META-MUSEUM: CHINESE ART MARKET SLUMPS; CHINESE EXPORT SILVER DOESN’T! 中国艺术市场衰落; 中国出口银不!

CHINESE ART MARKET SLUMPS; CHINESE EXPORT SILVER DOESN’T!  

                                                                                                                                                  中国艺术市场衰落; 中国出口银不!

 

Market values is not something I’m prone to write about but the news out of TEFAF yesterday that the Chinese art market had slumped by 24% [$13.8billion] should not be a surprise. We are, after all, mainly talking about the contemporary art market and this was for sure a phenomenon waiting for a serious correction – for correction is what the decline represents.
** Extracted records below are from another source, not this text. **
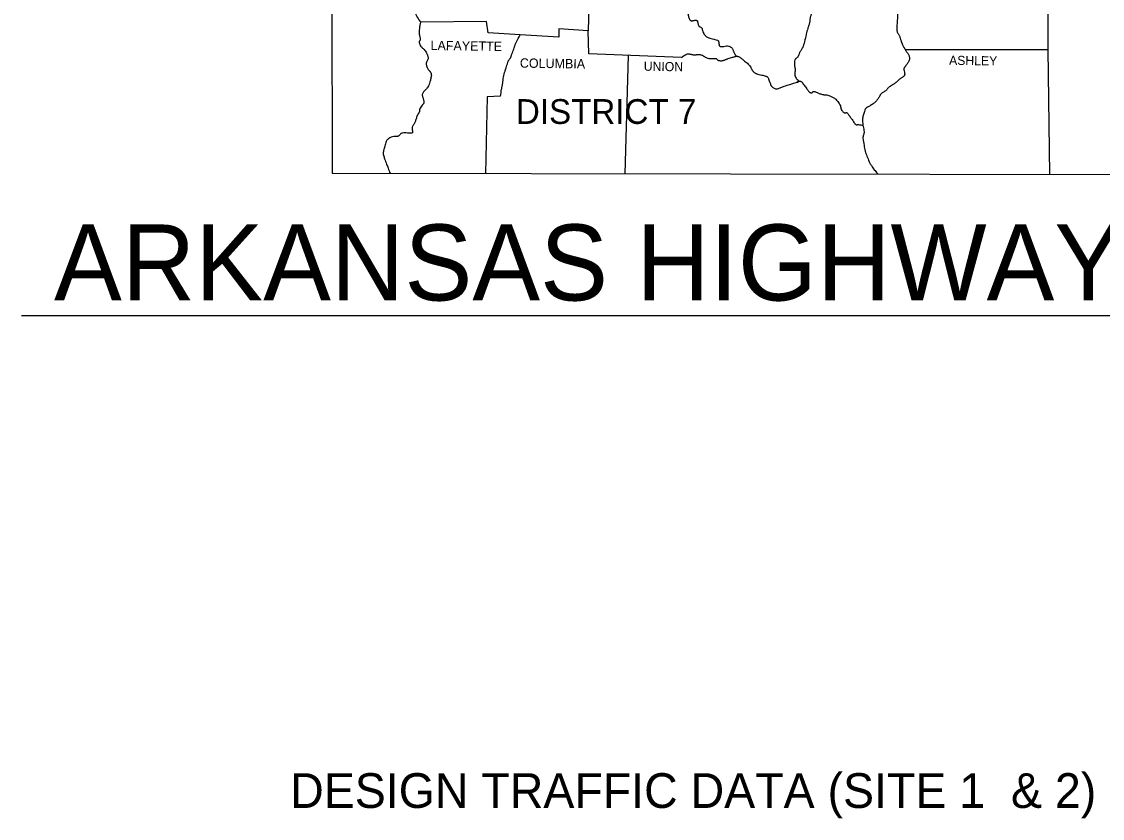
# Model space of a CAD drawing. Extents: x 982240 to 1103002, y 974866 to 1054902.
# Drawn here: x 1074271 to 1092173, y 1018146 to 1031353 of the extents above; entities that cross this region are included whole.
import ezdxf

# ---------------------------------------------------------------- set-up
doc = ezdxf.new("R2010")
doc.units = 0
for name, color, linetype in [('1', 7, 'Continuous'), ('Default', 7, 'Continuous'), ('R_Draft', 7, 'Continuous')]:
    doc.layers.add(name, color=color, linetype=linetype)

msp = doc.modelspace()

# ---------------------------------------------------------------- linework, layer by layer
at = {"layer": '1'}
for points in [[(1083703.9886225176, 1033012.2155825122), (1083657.1882101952, 1031197.8140686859), (1083171.2003717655, 1031230.2153271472), (1083167.6022496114, 1031097.0161299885), (1082527.014240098, 1031134.486481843)], [(1079409.2953796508, 1031752.2158338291), (1079416.4957613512, 1028839.815346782), (1092610.1656993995, 1028818.2158870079)], [(1082202.8269544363, 1030117.8162543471), (1081979.633050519, 1030103.4147755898), (1081955.1853419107, 1028835.6592383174)]]:
    msp.add_lwpolyline(points, dxfattribs=at)
for points in [[(1088790.6604119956, 1031590.2150583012), (1088779.8605290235, 1031478.6167001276), (1088776.262406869, 1031374.2149437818), (1088769.062025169, 1031273.4156258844), (1088767.087688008, 1031235.598910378), (1088767.3086761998, 1031216.6788174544), (1088769.062025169, 1031197.8140686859), (1088776.3027183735, 1031175.9372869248), (1088788.6335206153, 1031155.826065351), (1088801.9781133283, 1031136.0093056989), (1088812.2601779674, 1031115.0159096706), (1088837.460824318, 1031035.8146723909), (1088862.6587124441, 1030967.4152337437), (1088913.057246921, 1030877.4149561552), (1088924.268078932, 1030860.1013374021), (1088936.3278564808, 1030843.3429775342), (1088948.452087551, 1030826.5207473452), (1088959.856280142, 1030809.0155175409), (1088978.20725155, 1030760.7480627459), (1088979.756917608, 1030735.4033469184), (1088974.2556643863, 1030711.8145005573), (1088945.456895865, 1030661.416220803), (1088932.2416150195, 1030642.1728181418), (1088918.3002111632, 1030623.467603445), (1088904.4376407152, 1030604.8363081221), (1088891.4588600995, 1030585.8146636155), (1088885.4354231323, 1030552.9560086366), (1088893.1671679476, 1030515.3248719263), (1088899.144538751, 1030478.7389117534), (1088887.8579796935, 1030449.0157863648), (1088880.4175503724, 1030442.534947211), (1088872.4781238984, 1030436.8046951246), (1088855.7234263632, 1030426.7123790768), (1088838.8361810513, 1030416.9716919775), (1088823.058681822, 1030405.8154876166), (1088782.3237426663, 1030369.1105232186), (1088761.7694198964, 1030350.8515356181), (1088740.263256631, 1030333.8149896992), (1088693.462844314, 1030301.4164896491), (1088643.0629306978, 1030269.0152311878), (1088628.209558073, 1030256.1569261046), (1088615.1921282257, 1030241.1440818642), (1088602.6109354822, 1030225.6667126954), (1088589.0662740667, 1030211.4148328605), (1088569.875078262, 1030197.3160944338), (1088548.885977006, 1030185.1937644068), (1088528.1873537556, 1030172.6821338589), (1088509.8675919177, 1030157.4154938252), (1088493.7586899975, 1030136.2800200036), (1088480.4299675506, 1030112.9866138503), (1088467.4203282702, 1030089.4075782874), (1088452.268675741, 1030067.4152162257), (1088437.2962431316, 1030049.1207778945), (1088421.9703154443, 1030031.0722164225), (1088387.472136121, 1029999.0157776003), (1088333.4727212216, 1029963.0162182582), (1088314.6071453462, 1029951.5304510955), (1088295.4595497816, 1029940.6236635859), (1088267.060646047, 1029922.9799151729), (1088257.8749194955, 1029916.2148602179), (1088244.760818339, 1029901.5250716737), (1088236.335066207, 1029883.6092032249), (1088225.4738914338, 1029844.2157415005), (1088215.9339433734, 1029811.0186515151), (1088207.2961186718, 1029777.822225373), (1088201.4477083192, 1029744.5220684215), (1088200.2760033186, 1029711.0137859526), (1088204.660387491, 1029662.3356520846), (1088211.0745071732, 1029613.8141481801), (1088225.4738914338, 1029527.4163090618), (1088223.8529542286, 1029500.4159582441), (1088216.4710250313, 1029473.4156030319), (1088209.0908076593, 1029446.4152417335), (1088207.4750059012, 1029419.4148726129), (1088225.4738914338, 1029300.6157750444), (1088243.4741561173, 1029207.0158173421), (1088272.27430374, 1029124.2148999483), (1088311.8729552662, 1029030.6149422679), (1088335.361595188, 1028986.5048094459), (1088362.271489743, 1028944.2157239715), (1088407.4023034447, 1028882.752133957), (1088457.0853385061, 1028825.0149272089)], [(1082202.8269544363, 1030117.8162543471), (1082220.8258399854, 1030233.0142926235), (1082224.8831083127, 1030255.5947035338), (1082229.6028539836, 1030278.0579729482), (1082234.4338140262, 1030300.4998164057), (1082238.8247255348, 1030323.0159494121), (1082241.9532498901, 1030344.5411934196), (1082244.285017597, 1030366.1908963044), (1082246.586610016, 1030387.8529303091), (1082249.6246085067, 1030409.4151677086), (1082271.2243744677, 1030506.6148055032), (1082303.6226442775, 1030611.0151826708), (1082332.42141281, 1030697.4157801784), (1082336.1170022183, 1030705.6860105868), (1082340.8591860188, 1030713.4366187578), (1082352.1070546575, 1030728.063801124), (1082363.412454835, 1030742.6669926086), (1082368.2265529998, 1030750.3876122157), (1082372.0228225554, 1030758.6158585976), (1082378.443854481, 1030776.569236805), (1082384.6054780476, 1030794.620012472), (1082390.7755906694, 1030812.6684908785), (1082397.2220897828, 1030830.614977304), (1082429.6203596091, 1030917.0141956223), (1082437.343510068, 1030939.6851333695), (1082444.5642169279, 1030962.5647586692), (1082452.4125625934, 1030985.1691718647), (1082462.0186294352, 1031007.0144732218), (1082527.014240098, 1031134.486481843)]]:
    msp.add_spline(points, degree=3, dxfattribs=at)
at = {"layer": 'Default'}
for points in [[(1091267.398637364, 1033041.0157816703), (1091267.398637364, 1030888.2153756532), (1091296.1674780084, 1028820.367043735)], [(1081972.4312561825, 1031352.6146001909), (1080881.6582792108, 1031341.816443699)], [(1082527.014240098, 1031134.486481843), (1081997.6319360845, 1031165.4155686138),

 The rise in the affluent middle class in China is staggering by western standards, as is the amount of wealth being accumulated. However, as with all newly acquired wealth, at some point in time euphoria has to give way to common sense and that can only be best represented by a reasonably bankable robust investment prospect.

Cutshing teaset

It is often called crass by some that highly crafted antique silver is to some extent underwritten by the value of it as a raw commodity, it is probably that very inherent value that makes it attractive to collectors. But even with this potential in-built stabiliser, we are witness today to extraordinary amounts of fine Georgian and Victorian British, American and European silver being confined to scrap; such is the world of austerity we live in. Yet one antique silver category bucks this trend time after time; Chinese Export Silver. To understand why, we need to look back over the 1200 year love affair the Chinese have had with silver. No other nation in the world bought such vast quantities of it for centuries and no other nation based its economy successfully on silver for such an extended period. This obsession also was responsible for creating wealth in some western countries that might otherwise have remained backwater economies; Spain being a prime example.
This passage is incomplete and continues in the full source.